- _PROBLEM REQUIREMENTS_: Transcribe the records that follow in their entirety, omitting any pictures.

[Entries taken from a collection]

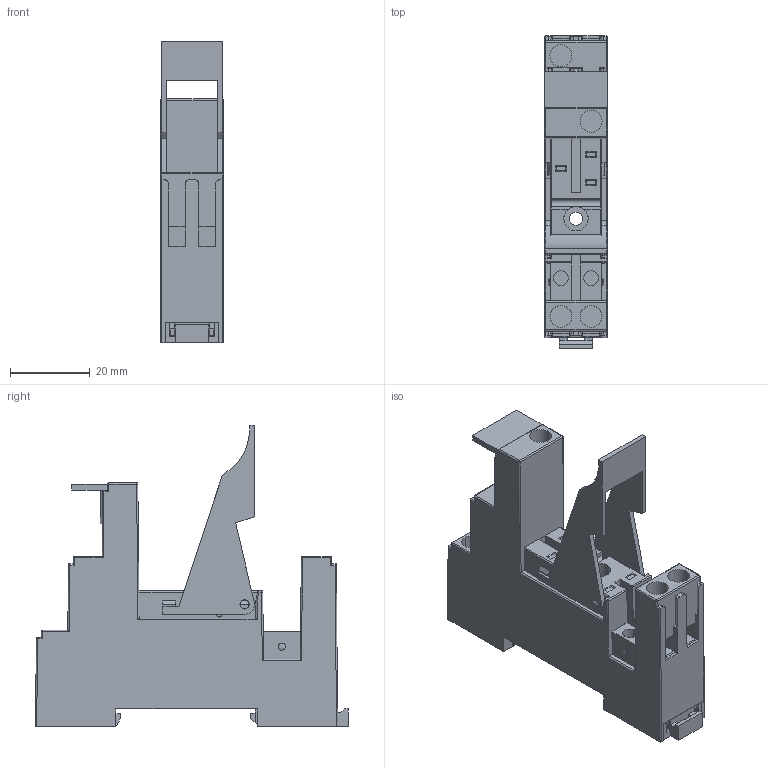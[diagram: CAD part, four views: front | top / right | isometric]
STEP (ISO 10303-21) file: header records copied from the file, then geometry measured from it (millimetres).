
FILE_DESCRIPTION (( 'STEP AP214' ), '1' );
FILE_NAME ('S18-M.STEP', '2024-04-15T09:17:51', ( '' ), ( '' ), 'SwSTEP 2.0', 'SolidWorks 2022', '' );
FILE_SCHEMA (( 'AUTOMOTIVE_DESIGN' ));
Length unit declared in the file: millimetre
Products named in the file (1): S18-M
Bounding box: 15.7 x 78.5 x 75.71 mm (x, y, z)
Volume: 38348.5 mm3; surface area: 17091.7 mm2
Topology: 1 solids, 17 shells, 598 faces, 1512 edges, 958 vertices
Faces by surface type: plane 434, cylinder 143, bspline 21
Entity records: 24233 total; most frequent: CARTESIAN_POINT 3677, ORIENTED_EDGE 3022, DIRECTION 2754, EDGE_CURVE 1511, LINE 1228, VECTOR 1228, VERTEX_POINT 958, AXIS2_PLACEMENT_3D 763

- _WRITTEN ANSWER_:
[diagram: CAD part, four views: front | top / right | isometric]
STEP (ISO 10303-21) file: header records copied from the file, then geometry measured from it (millimetres).
FILE_DESCRIPTION (( 'STEP AP214' ), '1' );
FILE_NAME ('S18-M.STEP', '2024-04-15T09:17:51', ( '' ), ( '' ), 'SwSTEP 2.0', 'SolidWorks 2022', '' );
FILE_SCHEMA (( 'AUTOMOTIVE_DESIGN' ));
Length unit declared in the file: millimetre
Products named in the file (1): S18-M
Bounding box: 15.7 x 78.5 x 75.71 mm (x, y, z)
Volume: 38348.5 mm3; surface area: 17091.7 mm2
Topology: 1 solids, 17 shells, 598 faces, 1512 edges, 958 vertices
Faces by surface type: plane 434, cylinder 143, bspline 21
Entity records: 24233 total; most frequent: CARTESIAN_POINT 3677, ORIENTED_EDGE 3022, DIRECTION 2754, EDGE_CURVE 1511, LINE 1228, VECTOR 1228, VERTEX_POINT 958, AXIS2_PLACEMENT_3D 763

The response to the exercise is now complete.